Into This River I Drown - Page 171

Michael’s eyes turn wistful for a moment, and I wonder if there’s a story there. “It’s the way of things, Benji. But Calliel changed that. He broke away from the pattern, the design. He allowed it to become something more. So Father did what he always did. He tested him.”

“How?”

Michael’s eyes burn darkly. “He gave him a choice. Ei

ther save your father and allow the man named Griggs to die, or allow your father to die and Griggs to live.”

Of all the things he could have said, what he did say is what I expected the least. I grip the arms of the white chair as anger begins to well in my chest like a bloom of fire. I want to leap across at the angel and put my hands around his throat until he takes it back. I want to tear the White Room down until it’s nothing but rubble underneath my fingers. I want to find God and make sure he pays for everything he’s done.

But most of all, I want to find Cal and tell him to return to On High. I want to tell him to never come back, to forget he ever knew my name. And after that, I never want to see him again, and I will find someplace to float off into the darkness. It’s the only way to keep me from killing him myself.

The White Room begins to shake a little, the walls and floor vibrating. I think I hear whispers all around me, but I can’t tell above the blood roaring in my ears. Michael doesn’t move, his eyes still on me, waiting.

“Why?” I manage to say.

“Because that is how my Father works. The tests aren’t ever something simple, with a choice to be made that won’t matter in the long run. What would be the point of such a thing?”

“This is my life!” I snarl at him. “This isn’t some fucking game!”

Michael’s not intimidated in the slightest at my fury. That sad smile makes an appearance again, as if he’s trying to show he understands what I’m saying. But he can’t. He can never know. He follows his Father blindly while the rest of us struggle to make sense of even the simplest of things. It’s faith, Cal/Big Eddie/Abe whisper. It’s faith pure and simple. Sometimes, oh sometimes, you’re not meant to understand.

“It’s not a game,” Michael agrees. “And maybe I was a little harsh when I said it as such when we first met. I did not know then what I know now.”

“What happened?”

Michael hesitates.

“Tell me!”

“Father revealed the whole of the design to Calliel,” he says. “The outcomes of his decisions, however far down the line they could go. He gave Calliel the choice of who to save on that day.”

“Why didn’t he save my father?” I croak out. “Why did he choose to save Griggs?”

“Sacrifice, Benji. It all comes back to sacrifice. Choices are never meant to be black and white. By saving your father, he would ensure he would have lived a long and healthy life, that he would have been by your side for decades to come until one day, at the age of ninety-eight, he would have died peacefully in his sleep, surrounded by you, your partner, your children and grandchildren. He would have been so loved by the family you would have had.”

“And by saving Griggs?”

“By saving Griggs, he potentially ensured the survival of humanity.”

“What?”

Michael looks down at his hands. “Should the business of the Elementals on the other plane of existence resolve in the way we hope and all the worlds be saved, there will come a time, a hundred years from now, when there will be the possibility that a man will rise in the East on this plane with the intent to destroy all he sees. His fate will be decided by a simple action by George Griggs. Two years after your father died, Griggs helped save a young woman involved in a car accident. Because of him, she lived and will go on to give birth to a daughter. That daughter will grow up and give birth to a son. That son will save another woman from a fire, who in turn will live and give birth to twins. And so on and so forth, down the line, until the necessary opposition will rise against the man in the East, and humanity will have a fighting chance.

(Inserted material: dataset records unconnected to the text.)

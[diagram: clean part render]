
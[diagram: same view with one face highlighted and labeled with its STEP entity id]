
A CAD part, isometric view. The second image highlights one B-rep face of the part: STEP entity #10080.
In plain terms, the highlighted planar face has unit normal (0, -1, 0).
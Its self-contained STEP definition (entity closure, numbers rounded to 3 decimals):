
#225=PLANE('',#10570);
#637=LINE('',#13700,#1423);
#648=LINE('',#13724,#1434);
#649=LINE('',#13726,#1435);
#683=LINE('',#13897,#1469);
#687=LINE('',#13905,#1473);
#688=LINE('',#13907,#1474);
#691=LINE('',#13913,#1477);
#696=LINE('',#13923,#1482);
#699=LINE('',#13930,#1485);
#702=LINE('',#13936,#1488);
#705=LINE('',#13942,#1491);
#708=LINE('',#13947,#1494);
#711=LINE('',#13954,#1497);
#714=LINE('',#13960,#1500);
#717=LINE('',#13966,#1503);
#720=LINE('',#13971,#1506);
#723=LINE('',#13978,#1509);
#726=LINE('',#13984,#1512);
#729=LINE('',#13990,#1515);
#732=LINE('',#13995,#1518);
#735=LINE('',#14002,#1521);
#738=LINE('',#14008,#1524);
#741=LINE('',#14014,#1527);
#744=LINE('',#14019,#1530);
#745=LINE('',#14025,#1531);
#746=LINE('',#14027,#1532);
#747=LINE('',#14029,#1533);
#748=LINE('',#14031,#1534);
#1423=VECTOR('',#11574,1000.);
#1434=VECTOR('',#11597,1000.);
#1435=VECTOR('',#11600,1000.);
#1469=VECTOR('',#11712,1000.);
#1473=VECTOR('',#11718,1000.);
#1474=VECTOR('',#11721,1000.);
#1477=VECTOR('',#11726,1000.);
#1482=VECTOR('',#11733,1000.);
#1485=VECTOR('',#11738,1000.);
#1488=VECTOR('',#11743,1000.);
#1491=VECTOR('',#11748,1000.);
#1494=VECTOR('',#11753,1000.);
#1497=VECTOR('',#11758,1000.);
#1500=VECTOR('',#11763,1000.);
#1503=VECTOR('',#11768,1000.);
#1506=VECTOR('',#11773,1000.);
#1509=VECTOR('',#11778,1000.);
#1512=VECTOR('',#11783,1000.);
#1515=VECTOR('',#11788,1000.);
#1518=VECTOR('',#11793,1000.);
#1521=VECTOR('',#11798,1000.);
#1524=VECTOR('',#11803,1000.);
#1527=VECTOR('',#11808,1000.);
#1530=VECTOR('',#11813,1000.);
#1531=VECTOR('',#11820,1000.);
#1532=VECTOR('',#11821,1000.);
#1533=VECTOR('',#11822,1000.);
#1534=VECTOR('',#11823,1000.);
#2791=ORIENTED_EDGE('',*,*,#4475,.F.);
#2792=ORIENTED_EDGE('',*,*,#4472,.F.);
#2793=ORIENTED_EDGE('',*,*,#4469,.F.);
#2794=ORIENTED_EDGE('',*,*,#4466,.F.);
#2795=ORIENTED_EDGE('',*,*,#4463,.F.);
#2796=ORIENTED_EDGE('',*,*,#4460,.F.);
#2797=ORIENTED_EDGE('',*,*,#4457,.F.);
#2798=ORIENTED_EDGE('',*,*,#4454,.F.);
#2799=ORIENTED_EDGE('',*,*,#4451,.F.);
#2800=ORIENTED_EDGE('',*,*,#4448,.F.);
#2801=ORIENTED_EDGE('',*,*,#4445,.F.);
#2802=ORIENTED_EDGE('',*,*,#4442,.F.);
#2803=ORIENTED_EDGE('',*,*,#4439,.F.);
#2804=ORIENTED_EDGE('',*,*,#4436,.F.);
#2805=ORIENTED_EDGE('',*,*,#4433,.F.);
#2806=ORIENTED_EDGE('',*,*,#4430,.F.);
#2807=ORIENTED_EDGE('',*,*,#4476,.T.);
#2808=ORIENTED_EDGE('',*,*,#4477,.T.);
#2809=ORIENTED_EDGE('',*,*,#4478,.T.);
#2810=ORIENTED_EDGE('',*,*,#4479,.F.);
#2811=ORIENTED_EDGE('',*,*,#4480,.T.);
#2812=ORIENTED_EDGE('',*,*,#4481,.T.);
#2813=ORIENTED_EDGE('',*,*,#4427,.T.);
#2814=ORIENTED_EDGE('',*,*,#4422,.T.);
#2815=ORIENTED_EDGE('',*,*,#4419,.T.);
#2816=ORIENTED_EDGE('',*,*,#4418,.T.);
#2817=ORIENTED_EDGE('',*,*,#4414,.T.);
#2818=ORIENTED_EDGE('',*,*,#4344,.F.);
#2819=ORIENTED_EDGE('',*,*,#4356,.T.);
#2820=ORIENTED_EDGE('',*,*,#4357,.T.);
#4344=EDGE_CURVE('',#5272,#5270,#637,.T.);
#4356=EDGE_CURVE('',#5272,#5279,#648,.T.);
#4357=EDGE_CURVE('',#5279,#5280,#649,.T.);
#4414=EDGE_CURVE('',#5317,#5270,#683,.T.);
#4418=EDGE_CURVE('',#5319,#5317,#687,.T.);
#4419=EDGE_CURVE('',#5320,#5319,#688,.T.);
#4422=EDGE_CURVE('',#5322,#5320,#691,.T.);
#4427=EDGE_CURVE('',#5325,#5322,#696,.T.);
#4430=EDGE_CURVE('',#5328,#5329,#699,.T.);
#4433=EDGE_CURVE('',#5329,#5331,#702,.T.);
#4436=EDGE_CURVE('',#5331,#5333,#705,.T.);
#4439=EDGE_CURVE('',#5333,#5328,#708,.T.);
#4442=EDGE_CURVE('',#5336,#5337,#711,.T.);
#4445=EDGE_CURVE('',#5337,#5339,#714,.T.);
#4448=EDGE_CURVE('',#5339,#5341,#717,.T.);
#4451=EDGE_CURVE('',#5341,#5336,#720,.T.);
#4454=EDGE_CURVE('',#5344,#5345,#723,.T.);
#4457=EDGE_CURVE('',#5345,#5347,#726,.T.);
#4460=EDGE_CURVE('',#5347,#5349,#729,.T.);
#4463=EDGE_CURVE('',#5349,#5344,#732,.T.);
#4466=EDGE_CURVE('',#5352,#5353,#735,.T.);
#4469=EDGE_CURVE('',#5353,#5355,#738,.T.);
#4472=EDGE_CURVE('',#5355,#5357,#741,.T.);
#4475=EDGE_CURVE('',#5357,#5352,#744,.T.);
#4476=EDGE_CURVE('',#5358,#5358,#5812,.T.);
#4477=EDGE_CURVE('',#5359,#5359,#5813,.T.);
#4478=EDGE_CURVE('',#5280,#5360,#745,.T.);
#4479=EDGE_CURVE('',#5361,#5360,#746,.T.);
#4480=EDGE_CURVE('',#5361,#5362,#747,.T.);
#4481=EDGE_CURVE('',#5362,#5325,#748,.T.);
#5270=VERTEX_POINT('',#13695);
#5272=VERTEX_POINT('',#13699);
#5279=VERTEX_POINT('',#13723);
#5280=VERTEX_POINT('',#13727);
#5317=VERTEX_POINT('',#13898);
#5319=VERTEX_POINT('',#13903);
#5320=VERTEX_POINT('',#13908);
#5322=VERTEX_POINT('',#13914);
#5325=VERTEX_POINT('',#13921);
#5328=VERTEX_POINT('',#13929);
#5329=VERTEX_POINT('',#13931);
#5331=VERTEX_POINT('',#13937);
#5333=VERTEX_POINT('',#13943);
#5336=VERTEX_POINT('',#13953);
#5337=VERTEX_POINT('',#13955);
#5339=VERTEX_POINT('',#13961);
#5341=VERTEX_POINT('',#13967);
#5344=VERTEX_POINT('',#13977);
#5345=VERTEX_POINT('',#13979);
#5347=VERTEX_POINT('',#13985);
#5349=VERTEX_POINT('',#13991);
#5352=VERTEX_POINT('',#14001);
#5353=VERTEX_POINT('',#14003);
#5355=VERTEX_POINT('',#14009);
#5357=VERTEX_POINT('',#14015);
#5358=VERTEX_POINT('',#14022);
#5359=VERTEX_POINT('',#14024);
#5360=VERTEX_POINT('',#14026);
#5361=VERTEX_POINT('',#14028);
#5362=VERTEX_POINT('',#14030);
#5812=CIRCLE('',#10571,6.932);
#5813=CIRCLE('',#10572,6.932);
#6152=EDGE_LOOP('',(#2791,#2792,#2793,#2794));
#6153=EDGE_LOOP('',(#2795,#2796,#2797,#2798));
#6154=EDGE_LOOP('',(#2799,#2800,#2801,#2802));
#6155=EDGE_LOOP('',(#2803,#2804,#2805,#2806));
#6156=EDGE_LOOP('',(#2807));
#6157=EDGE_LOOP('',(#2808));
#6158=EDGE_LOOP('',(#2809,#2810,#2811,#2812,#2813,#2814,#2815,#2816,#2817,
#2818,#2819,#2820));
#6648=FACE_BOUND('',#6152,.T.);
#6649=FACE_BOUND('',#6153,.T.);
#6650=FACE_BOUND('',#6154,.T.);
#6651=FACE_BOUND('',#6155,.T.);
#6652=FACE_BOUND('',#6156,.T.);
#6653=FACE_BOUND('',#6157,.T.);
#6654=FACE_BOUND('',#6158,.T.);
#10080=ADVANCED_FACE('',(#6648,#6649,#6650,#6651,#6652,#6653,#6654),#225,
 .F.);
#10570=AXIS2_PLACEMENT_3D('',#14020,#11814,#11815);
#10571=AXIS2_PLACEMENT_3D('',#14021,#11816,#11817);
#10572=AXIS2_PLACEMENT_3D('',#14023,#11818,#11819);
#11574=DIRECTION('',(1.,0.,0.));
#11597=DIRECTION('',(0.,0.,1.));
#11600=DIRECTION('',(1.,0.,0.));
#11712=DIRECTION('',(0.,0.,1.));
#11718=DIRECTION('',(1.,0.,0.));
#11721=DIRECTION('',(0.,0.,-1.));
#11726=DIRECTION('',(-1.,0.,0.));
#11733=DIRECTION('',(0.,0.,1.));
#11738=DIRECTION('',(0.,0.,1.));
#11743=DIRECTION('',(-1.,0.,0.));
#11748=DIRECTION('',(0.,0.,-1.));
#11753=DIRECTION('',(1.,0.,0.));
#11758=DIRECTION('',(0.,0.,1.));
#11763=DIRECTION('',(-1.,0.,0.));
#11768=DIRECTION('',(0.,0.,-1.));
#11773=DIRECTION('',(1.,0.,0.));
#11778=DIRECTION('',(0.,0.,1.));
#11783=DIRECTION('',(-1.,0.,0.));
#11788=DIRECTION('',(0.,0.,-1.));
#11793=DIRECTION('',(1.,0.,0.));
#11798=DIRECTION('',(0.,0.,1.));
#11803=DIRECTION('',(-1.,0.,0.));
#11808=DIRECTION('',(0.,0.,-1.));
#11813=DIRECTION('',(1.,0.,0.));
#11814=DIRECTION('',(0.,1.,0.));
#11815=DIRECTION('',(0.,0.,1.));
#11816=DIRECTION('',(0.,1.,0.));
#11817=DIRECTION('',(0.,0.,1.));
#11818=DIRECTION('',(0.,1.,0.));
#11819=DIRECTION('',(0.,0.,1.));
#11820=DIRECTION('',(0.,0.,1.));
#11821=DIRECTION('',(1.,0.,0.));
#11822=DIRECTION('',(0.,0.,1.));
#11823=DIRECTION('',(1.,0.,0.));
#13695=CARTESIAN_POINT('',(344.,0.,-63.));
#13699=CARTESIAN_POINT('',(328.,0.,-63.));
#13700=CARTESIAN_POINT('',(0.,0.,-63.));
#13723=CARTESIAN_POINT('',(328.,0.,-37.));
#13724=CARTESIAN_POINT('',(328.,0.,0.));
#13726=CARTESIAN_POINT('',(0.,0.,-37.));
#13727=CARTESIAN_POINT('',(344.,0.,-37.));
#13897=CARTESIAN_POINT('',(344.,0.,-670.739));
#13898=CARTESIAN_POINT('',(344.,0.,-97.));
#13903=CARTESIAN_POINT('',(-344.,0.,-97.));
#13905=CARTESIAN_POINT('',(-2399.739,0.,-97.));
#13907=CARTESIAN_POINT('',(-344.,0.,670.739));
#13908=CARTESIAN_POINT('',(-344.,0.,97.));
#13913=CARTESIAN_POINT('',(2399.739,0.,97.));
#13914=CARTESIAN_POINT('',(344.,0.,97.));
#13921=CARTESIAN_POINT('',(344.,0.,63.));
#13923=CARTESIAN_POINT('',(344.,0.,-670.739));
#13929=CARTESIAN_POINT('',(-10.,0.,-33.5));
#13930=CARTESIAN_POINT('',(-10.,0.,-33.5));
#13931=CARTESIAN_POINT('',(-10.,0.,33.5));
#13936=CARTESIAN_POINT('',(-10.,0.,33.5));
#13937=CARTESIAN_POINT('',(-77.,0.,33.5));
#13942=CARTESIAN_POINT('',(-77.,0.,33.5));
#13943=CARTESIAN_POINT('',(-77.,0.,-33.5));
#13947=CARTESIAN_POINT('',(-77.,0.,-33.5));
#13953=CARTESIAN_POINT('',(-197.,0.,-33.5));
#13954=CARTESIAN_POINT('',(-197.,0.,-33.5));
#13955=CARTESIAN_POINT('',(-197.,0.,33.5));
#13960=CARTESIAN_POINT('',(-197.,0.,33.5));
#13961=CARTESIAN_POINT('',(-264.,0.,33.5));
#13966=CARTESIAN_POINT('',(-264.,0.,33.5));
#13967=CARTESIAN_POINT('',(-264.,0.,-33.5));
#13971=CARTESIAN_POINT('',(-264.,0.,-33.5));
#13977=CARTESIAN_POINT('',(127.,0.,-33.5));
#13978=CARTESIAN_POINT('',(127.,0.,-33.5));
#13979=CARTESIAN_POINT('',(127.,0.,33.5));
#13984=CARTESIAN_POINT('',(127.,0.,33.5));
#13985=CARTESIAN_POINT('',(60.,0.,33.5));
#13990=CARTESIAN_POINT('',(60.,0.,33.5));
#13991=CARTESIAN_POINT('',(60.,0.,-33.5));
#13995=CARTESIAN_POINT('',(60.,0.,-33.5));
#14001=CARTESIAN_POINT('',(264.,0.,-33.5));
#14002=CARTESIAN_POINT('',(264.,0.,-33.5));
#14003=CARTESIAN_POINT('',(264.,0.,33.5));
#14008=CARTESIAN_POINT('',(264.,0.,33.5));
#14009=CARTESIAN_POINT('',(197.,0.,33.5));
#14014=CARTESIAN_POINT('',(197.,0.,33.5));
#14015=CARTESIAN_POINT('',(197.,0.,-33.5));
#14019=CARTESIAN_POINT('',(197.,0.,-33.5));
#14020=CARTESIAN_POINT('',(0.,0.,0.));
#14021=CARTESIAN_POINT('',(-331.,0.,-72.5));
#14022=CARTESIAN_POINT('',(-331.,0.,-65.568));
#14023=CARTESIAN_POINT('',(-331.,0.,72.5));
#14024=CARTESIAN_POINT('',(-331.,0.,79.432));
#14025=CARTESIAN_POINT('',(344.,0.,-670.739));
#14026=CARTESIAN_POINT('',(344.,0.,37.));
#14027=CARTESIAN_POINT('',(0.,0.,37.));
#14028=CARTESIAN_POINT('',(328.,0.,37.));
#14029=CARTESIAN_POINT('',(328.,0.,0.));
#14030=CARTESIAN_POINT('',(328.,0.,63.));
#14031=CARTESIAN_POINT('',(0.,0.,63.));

“My father revealed more of the design to Calliel than he ever had to anyone before. Calliel was left with a choice of whether to ensure your happiness or to make sure the world has a chance at survival should this dark man rise, long after you’ve already gone.”

“He punished him,” I say bitterly. “What you’re trying to say is that he punished him for loving me.”

“Sacrifice, Benji. It all comes down to sacrifice. And while the decision was difficult on Calliel, he made the only one he could, the only one an angel in his position could.”

“And it had nothing to do with jealousy?” I snap at him. “Cal saw my future if my father had lived. You said I had my own family with me when my father died. Cal was obviously not in it. You don’t think that influenced his decision at all?”

Michael looks at me sharply. “Does anything you know about Calliel suggest pettiness?” he asks, his voice hard. “I know you’re angry, and I know it hurts, but think carefully before you speak, child. You’re not a stupid boy, so don’t act like one.”

Ashamed, I look away. He’s right. Of course he’s right. Calliel doesn’t have a selfish bone in his body. But even though it’s not fair to him, I still can’t find a way to soothe the anger burning through my veins. He could have saved my father. Cal could have saved Big Eddie and I would have had him for a lifetime.

“Why did he fall, then?” I ask.

“Because of your grief, Benji. Calliel was finding it harder and harder to live with the consequences of his decision. He broke protocol by making a promise to your father, one that was not his to make.”